Here is the ICA introduction:
Catalan director Pere Portabella’s ground-breaking masterpiece Warsaw Bridge (Pont de Varsòvia) is an artistic and political essay on the Europe of the late 80s, with its vacuities and an amnesiac political class. It is a beautiful avant-garde film and it was praised by the director of Silence of the Lambs, Jonathan Demme, when he said:
'I was lucky enough to first see Warsaw Bridge at the Contemporary Arts Museum in Barcelona in the summer of 2000 as part of a “hometown boy makes good” retrospective the museum was presenting of Portabella’s work. I was literally freaked and said, “Who? Pere Portabella? Used to produce Bunuel films? Why haven’t I ever even heard of this guy? How could a rich and dazzling and sumptuous film such as this remain so utterly unknown in my country? The exquisite images, the superbly rendered music, the bravura style, this bold narrative, the great performances, the perfection of the totality of this unique and vibrant wonderland of a film — How to get it seen in America?'
New York Times review:
“You’re stifled by rather precarious aesthetics,” one character says to another in Pere Portabella’s “Warsaw Bridge,” a film from 1990. Aren’t we all? For his part Mr. Portabella seems pretty comfortable with his aesthetic of narrative enigma, elegant camerawork and attractive people who speak in literary and intellectual riddles.

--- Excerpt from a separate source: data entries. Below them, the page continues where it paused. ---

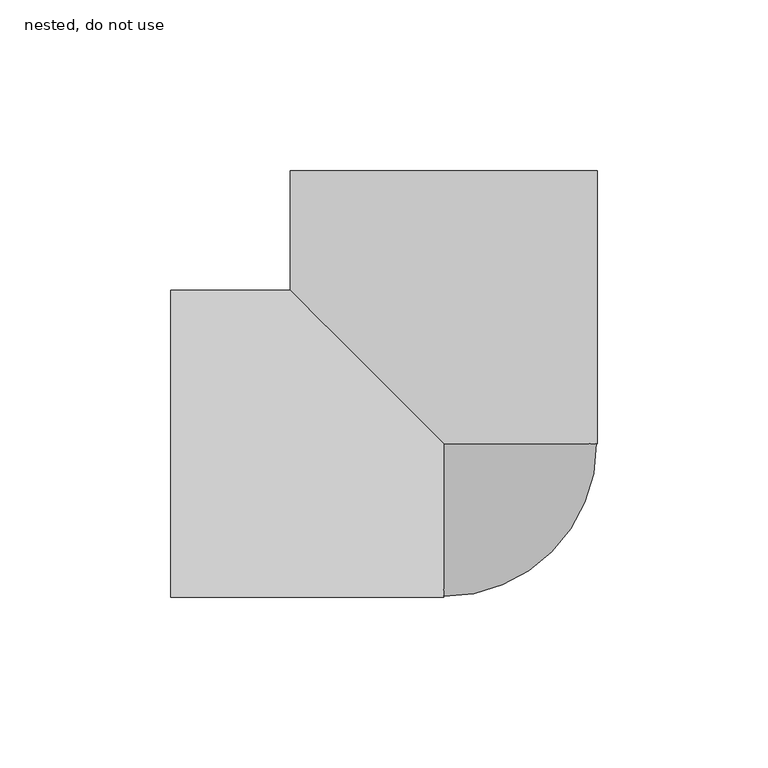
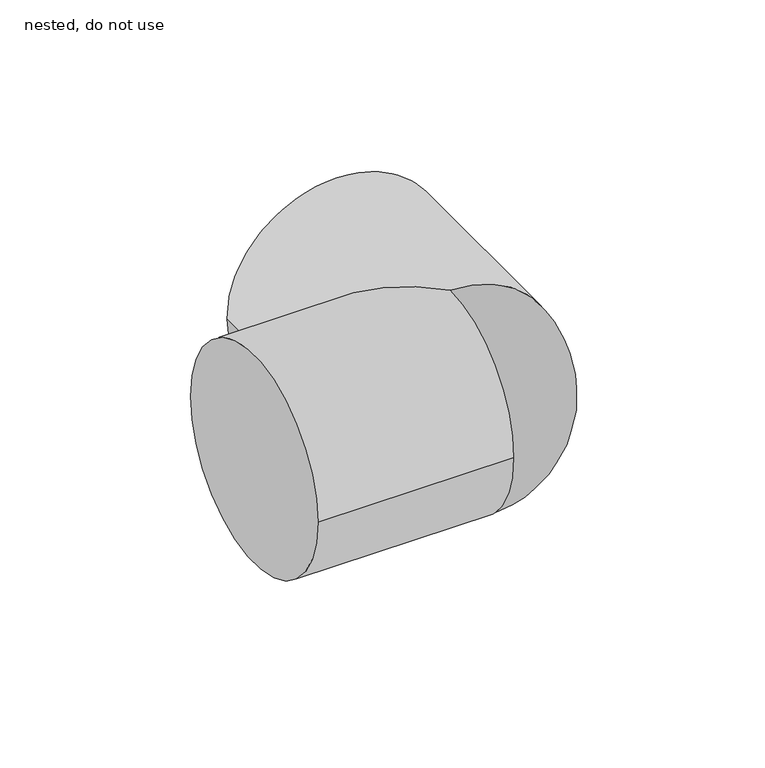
"""IFC4 building model written with IfcOpenShell, lengths in millimetres: pipe fitting geometry, ZZZ_do no use_PIF_HDPE elbow for bend assembly -SH_Akatherm : nested, do not use."""

from ifc_helpers import new_model, si_unit, point, frame, origin, place, context, project, spatial, circle_curve, ellipse_curve, trimmed, source, transform, mapped, element, save
from ifc_brep_helpers import plane_surface, cylinder_surface, revolved_surface, advanced_brep


def nested_do_not_use_7641d64b(model_context):
    return source(origin(), model_context, "Body", "AdvancedBrep", [
        advanced_brep(
        [(-80.0, -45.0, 0.0), (-80.0, 45.0, 0.0), (-45.0, 45.0, 0.0), (0.0, 0.0, -45.0), (0.0, -45.0, 0.0), (0.0, 0.0, 45.0), (45.0, 80.0, 0.0), (-45.0, 80.0, 0.0), (45.0, 0.0, 0.0)],
        [
            (0, 1, circle_curve(frame((-80.0, 0.0, 0.0), z_axis=(-1.0, 0.0, 0.0), x_axis=(0.0, 1.0, 0.0)), 45.0)),
            (1, 0, circle_curve(frame((-80.0, 0.0, 0.0), z_axis=(-1.0, 0.0, 0.0), x_axis=(0.0, 1.0, 0.0)), 45.0)),
            (1, 2),
            (2, 3, ellipse_curve(frame((0.0, 0.0, 0.0), z_axis=(-0.7071067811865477, -0.7071067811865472, 0.0), x_axis=(0.7071067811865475, -0.7071067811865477, 0.0)), 63.6396103, 45.0)),
            (3, 4, circle_curve(frame((0.0, 0.0, 0.0), z_axis=(-1.0, 0.0, 0.0), x_axis=(0.0, 1.0, 0.0)), 45.0)),
            (4, 0),
            (4, 5, circle_curve(frame((0.0, 0.0, 0.0), z_axis=(-1.0, 0.0, 0.0), x_axis=(0.0, 1.0, 0.0)), 45.0)),
            (5, 2, ellipse_curve(frame((0.0, 0.0, 0.0), z_axis=(-0.7071067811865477, -0.7071067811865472, 0.0), x_axis=(0.7071067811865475, -0.7071067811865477, 0.0)), 63.6396103, 45.0)),
            (6, 7, circle_curve(frame((0.0, 80.0, 0.0), z_axis=(0.0, 1.0, 0.0), x_axis=(-1.0, 0.0, 0.0)), 45.0)),
            (7, 6, circle_curve(frame((0.0, 80.0, 0.0), z_axis=(0.0, 1.0, 0.0), x_axis=(-1.0, 0.0, 0.0)), 45.0)),
            (7, 2),
            (5, 8, circle_curve(frame((0.0, 0.0, 0.0), z_axis=(0.0, 1.0, 0.0), x_axis=(-1.0, 0.0, 0.0)), 45.0)),
            (8, 6),
            (8, 3, circle_curve(frame((0.0, 0.0, 0.0), z_axis=(0.0, 1.0, 0.0), x_axis=(-1.0, 0.0, 0.0)), 45.0)),
        ],
        [
            plane_surface(frame((-80.0, 45.0, 0.0), z_axis=(-1.0, 0.0, 0.0), x_axis=(0.0, 0.0, -1.0))),
            cylinder_surface(frame((-80.0, 0.0, 0.0), z_axis=(1.0, 0.0, 0.0), x_axis=(0.0, 1.0, 0.0)), 45.0),
            plane_surface(frame((0.0, 80.0, 0.0), z_axis=(0.0, 1.0, 0.0), x_axis=(0.0, 0.0, 1.0))),
            cylinder_surface(frame((0.0, 0.0, 0.0), z_axis=(0.0, -1.0, 0.0), x_axis=(-1.0, 0.0, 0.0)), 45.0),
            revolved_surface(trimmed(ellipse_curve(frame((0.0, 0.0, 0.0), z_axis=(-1.0, 0.0, 0.0), x_axis=(0.0, 1.0, 0.0)), 45.0, 45.0), [point((0.0, 0.0, -45.0))], [point((0.0, 0.0, 45.0))], True, "CARTESIAN"), (0.0, 0.0, 125.0), (0.0, 0.0, 1.0)),
        ],
        [
            (0, [[1, 2]]),
            (1, [[-2, 3, 4, 5, 6]]),
            (1, [[-1, -6, 7, 8, -3]]),
            (2, [[9, 10]]),
            (3, [[-10, 11, -8, 12, 13]]),
            (3, [[-9, -13, 14, -4, -11]]),
            (4, [[-12, -7, -5, -14]]),
        ],
    ),
    ])


if __name__ == "__main__":
    model = new_model("IFC4")
    model_context = context("Model", 3, world=origin())
    ifc_project = project(units=[si_unit("LENGTHUNIT", "METRE", prefix="MILLI")], contexts=[model_context])
    site = spatial("IfcSite", under=ifc_project)
    building = spatial("IfcBuilding", under=site)
    placement = place(None, origin())
    nested_do_not_use_shape = nested_do_not_use_7641d64b(model_context)
    element("IfcPipeFitting", 1, ObjectType="ZZZ_do no use_PIF_HDPE elbow for bend assembly -SH_Akatherm : nested, do not use", at=placement, inside=building, context=model_context, shape_type="MappedRepresentation", body=[
        mapped(nested_do_not_use_shape, transform((0.0, 0.0, 0.0), x_axis=(1.0, 0.0, 0.0), y_axis=(0.0, 1.0, 0.0), z_axis=(0.0, 0.0, 1.0))),
    ])
    save(model, "model.ifc")

A Catalan filmmaker whose recent work includes “The Silence Before Bach,” Mr. Portabella was for many years associated with Luis Buñuel. “Warsaw Bridge,” which takes place mostly in Barcelona (with a few scenes in Berlin), is not shy about declaring a debt to Buñuelian surrealism. This is especially true in several exquisite musical interludes, including one in which the members of an orchestra, housed in separate apartments, follow their conductor’s gestures on video monitors, and another set in a seragliolike bathhouse. Connecting these images is an elusive story, or rather a series of events and conversations organized around a central anecdote.